TASK GOAL
Give back exactly the lines from the start of the entries below to the line holding "doc.units = ezdxf.units.M", that line included, and leave every picture out.

(Beginning of EXTRACTED RECORDS)

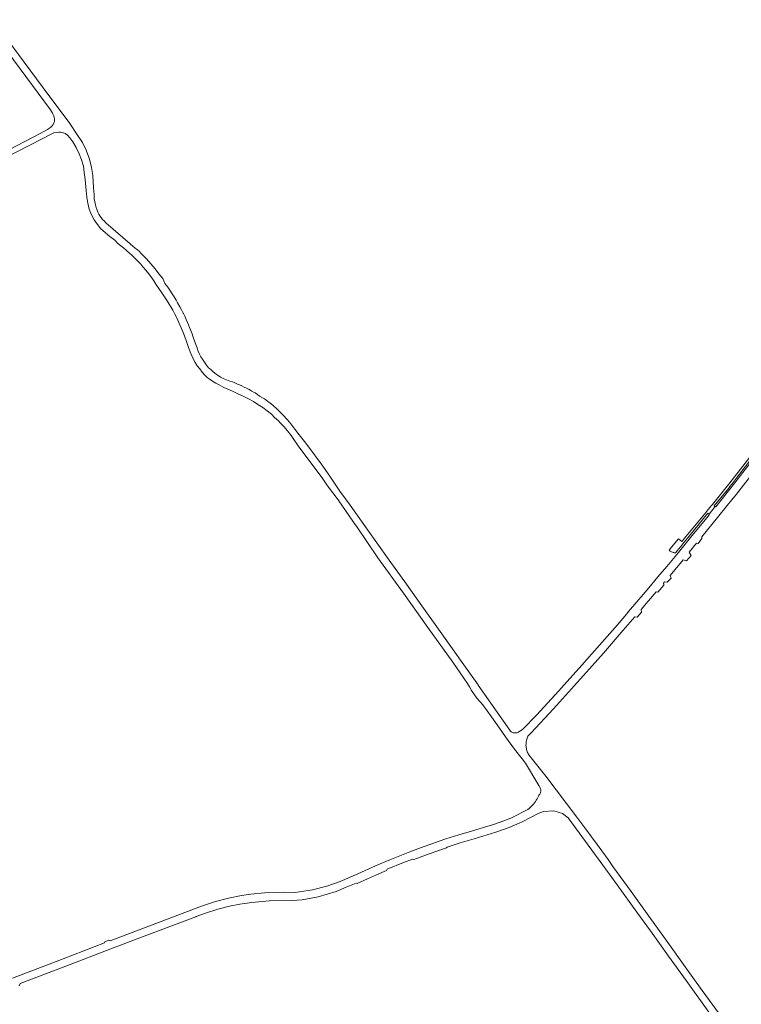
# Model space of a CAD drawing. Header units: metres. Extents: x 129909 to 134295, y 430065 to 433784.
# Tile 5 of 21: x 133215 to 133653, y 432581 to 433179. Entities that reach past the tile are written whole.
import ezdxf

# ---------------------------------------------------------------- set-up
doc = ezdxf.new("R2010")
doc.units = ezdxf.units.M
doc.layers.add('B-XX-OG-WEG-GV', color=7, linetype='Continuous', lineweight=18)

msp = doc.modelspace()

# ---------------------------------------------------------------- linework, layer by layer
at = {"layer": 'B-XX-OG-WEG-GV', "color": 253}
for points in [[(133666.56, 432919.67), (133649.15, 432897.17), (133637.51, 432882.7), (133637.2, 432882.78), (133633.52, 432878.18), (133633.56, 432877.83), (133632.11, 432876.04), (133622.32, 432864.11), (133614.86, 432854.97), (133607.92, 432846.53), (133602.48, 432840.21), (133600.51, 432837.93), (133597.9, 432834.74), (133594.76, 432830.93), (133584.64, 432819.07), (133583.55, 432817.78), (133576.4, 432809.49), (133569.98, 432802.04), (133556.26, 432786.56), (133549.09, 432778.53), (133548.95, 432778.37), (133542.38, 432771.02), (133528.67, 432756.06), (133520.56, 432747.59), (133517.78, 432745.81), (133517.41, 432745.64), (133517.02, 432745.5), (133516.61, 432745.4), (133516.21, 432745.35), (133515.79, 432745.33), (133515.38, 432745.35), (133514.97, 432745.41), (133514.57, 432745.52), (133514.18, 432745.65), (133513.81, 432745.83), (133513.45, 432746.04), (133513.19, 432746.23), (133512.96, 432746.49), (133512.52, 432747.13), (133497.22, 432768.93), (133493.42, 432774.35), (133493.26, 432774.58), (133489.61, 432779.73), (133483.63, 432788.19), (133472.36, 432804.06), (133460.15, 432821.17), (133448.77, 432837.15), (133440.32, 432848.84), (133430.74, 432862.29), (133423.96, 432871.99), (133415.67, 432883.71), (133409.47, 432892.28), (133403.33, 432901.26), (133397.99, 432908.86), (133390.66, 432918.94), (133388, 432922.32), (133384.8, 432926.43), (133382.16, 432929.92), (133379.7, 432933.14), (133377.64, 432935.5), (133374.93, 432938.32), (133373.4, 432939.91), (133372.65, 432940.68), (133370.86, 432942.49), (133369.22, 432944), (133367.57, 432945.38), (133366.59, 432946.11), (133365.45, 432946.95), (133363.58, 432948.22), (133362.44, 432948.95), (133360.71, 432949.98), (133359.47, 432950.91), (133357.93, 432951.81), (133357.32, 432952.02), (133356, 432952.86), (133355.31, 432953.31), (133354.29, 432953.96), (133352.82, 432954.7), (133351.4, 432955.28), (133349.98, 432956.07), (133348.43, 432956.67), (133347.27, 432957.2), (133345.98, 432957.77), (133344.89, 432958.34), (133343.54, 432958.7), (133342.57, 432959.04), (133340.65, 432959.81), (133338.57, 432960.68), (133337.03, 432961.52), (133335.53, 432962.42), (133334.59, 432963.14), (133332.4, 432964.94), (133330.85, 432966.28), (133329.65, 432967.11), (133328.41, 432968.66), (133326.43, 432971.72), (133325.12, 432973.85), (133324.01, 432975.88), (133323.27, 432977.56), (133322.75, 432979.15), (133322.15, 432980.69), (133321.45, 432982.9), (133320.63, 432985.17), (133320.24, 432986.34), (133319.81, 432987.75), (133319.34, 432988.8), (133318.73, 432990.14), (133318.19, 432991.57), (133317.51, 432993.17), (133316.89, 432994.72), (133316.15, 432996.4), (133315.24, 432998.39), (133314.51, 433000), (133314.33, 433000.39), (133313.3, 433002.32), (133312.27, 433004.19), (133310.91, 433006.62), (133310.05, 433008.16), (133308.88, 433010.14), (133307.71, 433012.08), (133306.3, 433014.24), (133304.97, 433016.11), (133303.26, 433018.34), (133302.63, 433019.84), (133301.99, 433021.39), (133299.61, 433024.22), (133297.32, 433027.16), (133294.61, 433030.33), (133292.14, 433033.26), (133289.68, 433035.71), (133288.45, 433037.01), (133287.84, 433037.66), (133286.33, 433038.88), (133285.94, 433039.2), (133283.98, 433040.69), (133282.2, 433042.3), (133267.33, 433055.23), (133266.29, 433056.3), (133265.42, 433057.23), (133264.58, 433058.36), (133263.67, 433059.41), (133263.06, 433060.48), (133262.55, 433061.73), (133262.09, 433062.88), (133261.58, 433064.44), (133261.09, 433066.1), (133260.76, 433067.83), (133260.35, 433069.65), (133260.19, 433072.32), (133259.97, 433076.37), (133259.49, 433083.93), (133258.71, 433088.78), (133257.43, 433093.83), (133255.44, 433099.22), (133253.15, 433103.89), (133249.86, 433109.08), (133245.48, 433115.51), (133229.29, 433137.06), (133198.66, 433178.52)], [(133203.94, 433164.32), (133233.7, 433123.77), (133234.32, 433122.81), (133234.94, 433121.83), (133235.4, 433120.88), (133235.83, 433120.04), (133236.09, 433119.17), (133236.18, 433118.31), (133236.2, 433117.49), (133236.2, 433117.45), (133236.15, 433116.66), (133235.83, 433115.81), (133235.42, 433114.9), (133234.83, 433114.15), (133234.14, 433113.42), (133233.23, 433112.55), (133231.99, 433111.81), (133227.01, 433109.2), (133204.16, 433097.21)], [(133198.53, 433090.79), (133228.82, 433106.18), (133234.59, 433109.23), (133235.9, 433109.76), (133237.35, 433110.11), (133238.75, 433110.22), (133239.79, 433110.21), (133241.41, 433109.87), (133241.71, 433109.75), (133242.73, 433109.32), (133244.03, 433108.34), (133245.49, 433106.81), (133247.25, 433104.43), (133249.43, 433100.83), (133251.22, 433097.1), (133252.7, 433093.45), (133253.73, 433089.54), (133254.29, 433085.65), (133254.91, 433081.54), (133255.49, 433074.83), (133255.84, 433070.75), (133256.44, 433067.16), (133257.26, 433063.41), (133258.69, 433060.08), (133260.22, 433057.06), (133262.31, 433054.17), (133264.41, 433051.59), (133266.87, 433049.26), (133269.77, 433046.86), (133272.84, 433044.54), (133274.67, 433042.7), (133276.47, 433041.13), (133278.11, 433039.88), (133279.87, 433038.28), (133281.98, 433036.57), (133282.2, 433036.38), (133282.73, 433035.87), (133284.73, 433033.95), (133286.86, 433031.97), (133288.59, 433029.97), (133289.84, 433028.52), (133291.67, 433026.38), (133293.53, 433024.19), (133295.68, 433021.06), (133296.41, 433020), (133297.81, 433017.86), (133301.36, 433012.61), (133304.69, 433007.7), (133307.99, 433002.15), (133309.1, 433000), (133310.43, 432997.39), (133312.33, 432993.24), (133314.48, 432988.1), (133316.05, 432983.7), (133317.56, 432979.5), (133319.03, 432975.78), (133320.45, 432972.59), (133321.67, 432970.39), (133322.88, 432968.32), (133324.37, 432966.39), (133325.76, 432964.53), (133327.36, 432962.65), (133328.97, 432961.32), (133330.1, 432960.32), (133332.03, 432959.07), (133334.2, 432957.87), (133336.09, 432956.7), (133339.05, 432955.23), (133342.33, 432953.72), (133344.67, 432952.7), (133347.99, 432951.04), (133350.64, 432949.89), (133353.9, 432948.21), (133356.9, 432946.59), (133359.66, 432944.88), (133362.65, 432943), (133365.38, 432941.05), (133367.83, 432938.95), (133369.74, 432936.9), (133372.05, 432935.2), (133373.4, 432933.49), (133373.94, 432932.94), (133375.37, 432931.42), (133377.58, 432928.9), (133379.81, 432925.98), (133381.54, 432923.66), (133383.63, 432920.34), (133383.84, 432920), (133398.58, 432900.36), (133401.97, 432895.45), (133408.45, 432886.84), (133417.76, 432873.4), (133419.83, 432870.41), (133432.55, 432851.63), (133448, 432830.22), (133462.9, 432809.38), (133477.98, 432788.42), (133486.84, 432775.37), (133488.13, 432773.37), (133489.29, 432771.18), (133489.33, 432771.1), (133492.61, 432766.42), (133496.15, 432762.36), (133501.42, 432755.12), (133506.23, 432748.25), (133509.88, 432742.91), (133515.42, 432735.45), (133519.97, 432729.71), (133522.12, 432726.93), (133530.14, 432713.38), (133531.22, 432711.57), (133531.27, 432711.37), (133531.34, 432710.97), (133531.38, 432710.56), (133531.37, 432710.16), (133531.32, 432709.75), (133531.24, 432709.35), (133531.11, 432708.96), (133530.95, 432708.59), (133530.75, 432708.23), (133530.52, 432707.9), (133530.26, 432707.59), (133529.96, 432706.92), (133529.54, 432706.09), (133529.08, 432705.27), (133528.6, 432704.47), (133528.07, 432703.69), (133527.52, 432702.93), (133526.93, 432702.2), (133526.31, 432701.5), (133525.67, 432700.82), (133524.99, 432700.17), (133524.29, 432699.55), (133523.56, 432698.96), (133513.15, 432693.69), (133506.76, 432691.15), (133502.65, 432689.69), (133487.92, 432685.31), (133481.54, 432683.51), (133473.79, 432681.12), (133469.61, 432679.7), (133458.33, 432675.62), (133451.83, 432673.23), (133439.82, 432668.4), (133431.1, 432664.72), (133420.24, 432659.88), (133409.5, 432655.18), (133401.44, 432652.3), (133392.84, 432650.07), (133382.37, 432648.56), (133375.86, 432648.59), (133363.63, 432648.24), (133355.45, 432647.51), (133349.7, 432646.67), (133341.87, 432645.08), (133333.97, 432643.02), (133325.41, 432640.11), (133305.13, 432632.53), (133270.03, 432619.12), (133269.25, 432619.56), (133266.79, 432618.54), (133266.62, 432617.81), (133241.49, 432608.14), (133210.79, 432596.39)], [(133664.65, 432921.08), (133646.18, 432897.17), (133635.51, 432884.13), (133635.01, 432883.52), (133631.96, 432879.79), (133631.75, 432879.53), (133618.64, 432863.56), (133618.02, 432862.81), (133617.33, 432861.98), (133616.95, 432861.53), (133614.88, 432863.23), (133610.74, 432858.1), (133609.25, 432856.38), (133609.56, 432856.1), (133609.93, 432855.81), (133610.33, 432855.55), (133610.76, 432855.32), (133611.2, 432855.13), (133611.65, 432854.98), (133612.11, 432854.86), (133612.58, 432854.78), (133613.06, 432854.75), (133617.07, 432859.58), (133617.42, 432860.01), (133621.38, 432864.78), (133632.8, 432878.78), (133633.52, 432878.18), (133637.2, 432882.78), (133636.57, 432883.29), (133645.43, 432894.07), (133646.19, 432894.97), (133647.49, 432896.56), (133648.76, 432898.18), (133650, 432899.82), (133665.76, 432920.29)], [(133639.84, 432574.61), (133629.36, 432589), (133619.02, 432603.34), (133608.51, 432618.09), (133596.92, 432634.07), (133586.28, 432649.09), (133575.08, 432664.32), (133572.15, 432668.5), (133568.31, 432673.73), (133559.21, 432686.11), (133553.27, 432694.26), (133534.41, 432719.02), (133525.52, 432730.28), (133524.83, 432731.15), (133524.05, 432732.12), (133523.71, 432732.72), (133523.42, 432733.33), (133523.15, 432733.96), (133522.93, 432734.6), (133522.74, 432735.26), (133522.59, 432735.92), (133522.48, 432736.59), (133522.41, 432737.27), (133522.38, 432737.95), (133522.39, 432738.64), (133522.44, 432739.32), (133522.53, 432739.99), (133522.66, 432740.66), (133522.83, 432741.32), (133522.88, 432741.52), (133523.53, 432743.42), (133525.46, 432745.36), (133539.11, 432760), (133551.85, 432774.16), (133562.64, 432786.2), (133569.39, 432793.79), (133581.45, 432807.86), (133588.45, 432815.9), (133589.8, 432815.75), (133592.53, 432818.72), (133592.26, 432820.32), (133596.49, 432825.29), (133596.82, 432825.67), (133601.37, 432831.02), (133602.46, 432830.95), (133606, 432835.2), (133605.98, 432835.22), (133605.82, 432836.23), (133606.52, 432837.07), (133608.09, 432836.84), (133610.56, 432839.41), (133609.83, 432840.96), (133617.73, 432850.52), (133619.77, 432849.79), (133622.61, 432853.03), (133621.5, 432855.13), (133625.87, 432860.61), (133626.78, 432860.41), (133629.2, 432863.39), (133629.2, 432864.54), (133638.63, 432876.2), (133644.48, 432883.44), (133644.48, 432883.45), (133650.1, 432890.42), (133662.35, 432905.89)], [(133214.8, 432591.73), (133215.43, 432593.1), (133243.18, 432603.76), (133270.38, 432614.23), (133292.23, 432622.5), (133321.94, 432633.76), (133322.14, 432633.84), (133327.83, 432635.82), (133335.32, 432638.26), (133342.5, 432640.13), (133348.71, 432641.37), (133355.95, 432642.45), (133366.55, 432643.37), (133380.52, 432643.66), (133386.56, 432644.1), (133396.22, 432645.79), (133407.12, 432649.08), (133413.14, 432651.65), (133419.28, 432654.19), (133419.82, 432653.89), (133426.17, 432656.69), (133431.71, 432659.14), (133437.67, 432661.78), (133438.03, 432662.57), (133448.04, 432666.59), (133453.56, 432668.77), (133454.38, 432668.53), (133463.66, 432671.91), (133474.22, 432675.62), (133474.54, 432676.04), (133482.43, 432678.56), (133490.94, 432681.04), (133504.15, 432685.05), (133512.09, 432687.88), (133519.97, 432691.45), (133525.45, 432694.27), (133529.7, 432696.49), (133532.91, 432697.73), (133539.3, 432698.1), (133544.58, 432696.38), (133547.96, 432693.72), (133554.74, 432684.64), (133564, 432672.04), (133567.41, 432667.26), (133577.73, 432653.05), (133589.58, 432636.45), (133597.98, 432625.11), (133608.82, 432609.89), (133619.67, 432595.04), (133634.29, 432574.43)]]:
    msp.add_lwpolyline(points, dxfattribs=at)

doc.saveas('drawing.dxf')

(End of EXTRACTED RECORDS)

OUTPUT FOR THIS TASK
# Model space of a CAD drawing. Header units: metres. Extents: x 129909 to 134295, y 430065 to 433784.
# Tile 5 of 21: x 133215 to 133653, y 432581 to 433179. Entities that reach past the tile are written whole.
import ezdxf

# ---------------------------------------------------------------- set-up
doc = ezdxf.new("R2010")
doc.units = ezdxf.units.M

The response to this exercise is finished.